林渺自然不会加入这样的对话,小士兵们也不会在林渺面前谈论这些,如果真的上了战场,在战场上唯一可能产生的和女人有关的话题——

要么就是母亲,妹妹,姐姐,想念家人。要么就是那档子事了,想要回家尽快娶个老婆。

不过他们并无深刻体会。

林渺的状态一天天变好,克诺德上校自然有所察觉。

非必要情况下,林渺很少和他起冲突,将自己变得圆滑不少。

平时有空她就看书,将那些时间花在烟酒花在浑浑噩噩的精神里,还不如在书里寻找平静。

此时,林渺就正拿着本书在手里懒散地靠在沙发上随性翻看。

她的面色和状态已经比之前好了太多,绝不会再让佐恩下士发出“这简直就是女鬼”的判断。
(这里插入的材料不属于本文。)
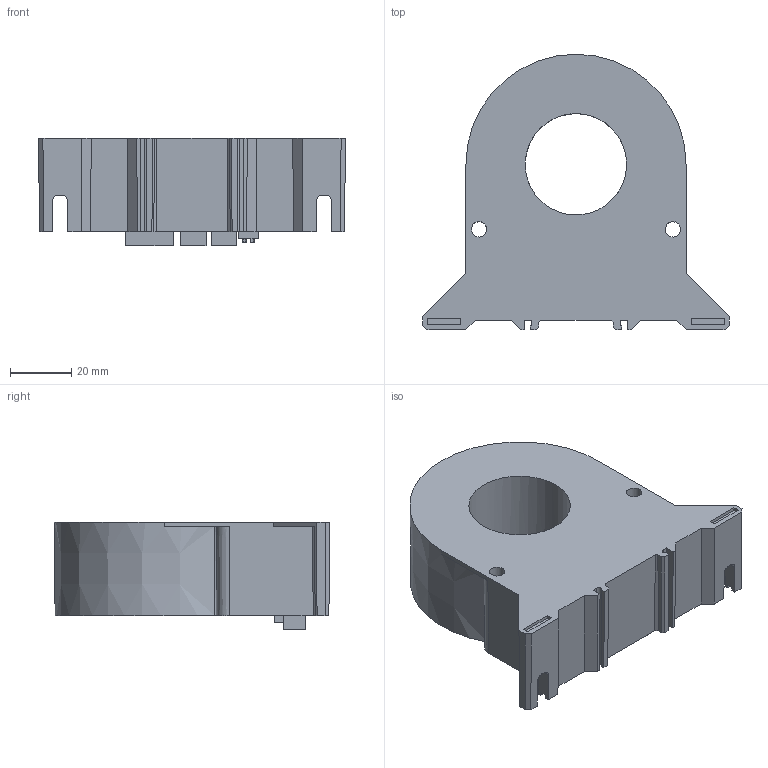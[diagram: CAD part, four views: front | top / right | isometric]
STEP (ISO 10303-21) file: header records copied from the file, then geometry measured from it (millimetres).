
FILE_DESCRIPTION(/* description */ ('Unknown'),/* implementation_level */ '2;1');
FILE_NAME(/* name */ '6MTF',/* time_stamp */ '2024-01-19T10:58:38+01:00',/* author */ ('Unknown'),/* organization */ ('Unknown'),/* preprocessor_version */ 'ST-DEVELOPER v18.102',/* originating_system */ 'Solid Edge',/* authorisation */ 'Unknown');
FILE_SCHEMA (('AUTOMOTIVE_DESIGN {1 0 10303 214 3 1 1}'));
Length unit declared in the file: millimetre
Products named in the file (1): 6MTF
Bounding box: 99.78 x 89.58 x 35.08 mm (x, y, z)
Surface area: 52033.9 mm2 (no closed solid volume)
Topology: 0 solids, 28 shells, 934 faces, 2644 edges, 1780 vertices
Faces by surface type: plane 720, cylinder 175, cone 30, bspline 5, torus 4
Full cylindrical faces by diameter (mm): 0.457 x1, 1.6 x12, 5 x2, 33 x1, 36.5 x1
Entity records: 34559 total; most frequent: CARTESIAN_POINT 6143, ORIENTED_EDGE 4830, DIRECTION 4702, EDGE_CURVE 2602, LINE 2074, VECTOR 2074, VERTEX_POINT 1767, AXIS2_PLACEMENT_3D 1314
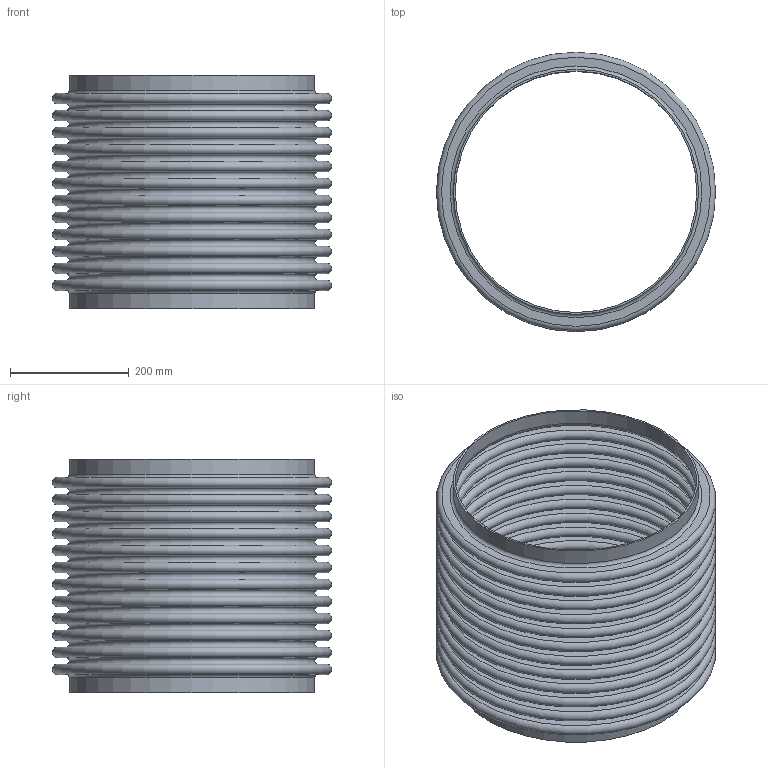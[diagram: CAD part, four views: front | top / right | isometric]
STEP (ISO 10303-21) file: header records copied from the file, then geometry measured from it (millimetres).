
FILE_DESCRIPTION(/* description */ ('STOCK BELLOWS: U.S-16-12-300L, 16.000 I.D., 18.500 O.D., 2 PLY, 16 GA (0.060 THICK), 12 CONS., 1.125 PITCH, 1.000 TANGENT. '),/* implementation_level */ '2;1');
FILE_NAME(/* name */ 'STOCK BELLOW - US-16-12-300L.stp',/* time_stamp */ '2026-07-21T13:30:33-05:00',/* author */ ('KennethB'),/* organization */ (''),/* preprocessor_version */ 'ST-DEVELOPER v20.1',/* originating_system */ 'Autodesk Inventor 2026',/* authorisation */ '');
FILE_SCHEMA (('AUTOMOTIVE_DESIGN { 1 0 10303 214 3 1 1 }'));
Length unit declared in the file: inch
Products named in the file (1): STOCK BELLOW - US-16-12-300L
Bounding box: 469.9 x 469.9 x 393.7 mm (x, y, z)
Volume: 3910435.6 mm3; surface area: 2589426.8 mm2
Topology: 3 solids, 3 shells, 108 faces, 162 edges, 109 vertices
Faces by surface type: plane 54, torus 50, cylinder 4
Full cylindrical faces by diameter (mm): 406.4 x2, 412.496 x2
Entity records: 2550 total; most frequent: DIRECTION 538, CARTESIAN_POINT 380, ORIENTED_EDGE 324, AXIS2_PLACEMENT_3D 267, EDGE_LOOP 162, EDGE_CURVE 162, CIRCLE 158, FACE_OUTER_BOUND 108

她很少再碰烟酒。如今,她的身上不再会有浓烈的烟味,也基本不会醉酒。她决不允许那天晚上的事再发生第二次。

而乐于见到林渺沉迷于混乱中的克诺德上校自然很轻易就发现这件事。

在最开始变化发生的时候,他考虑过是否应该出手干预。

但他们的相处越来越和谐了,他们状态简直就是一对真正的夫妻。(在他看来)

佳妮娜令他越来越着迷。

那天天气不错。

林渺反正是对这天没什么印象了,最近的天气都不错,她渐渐喜欢上了在外走动。

当时正巧克诺德上校过来找她。

隔着铁门,他看到阳光下的佳妮娜眉眼干净柔和,正笑着和一旁的小士兵似乎在说什么,一手拿花,一手握着剪刀。

阳光照得她肌肤柔润莹白,散出光亮。

这令他想起了还在拘办处别墅的时候。

有时候他会站在办公室里往下看,佳妮娜会坐在草坪上,靠在木椅上,用书捂着脸,或是去请教问题,与别人谈话……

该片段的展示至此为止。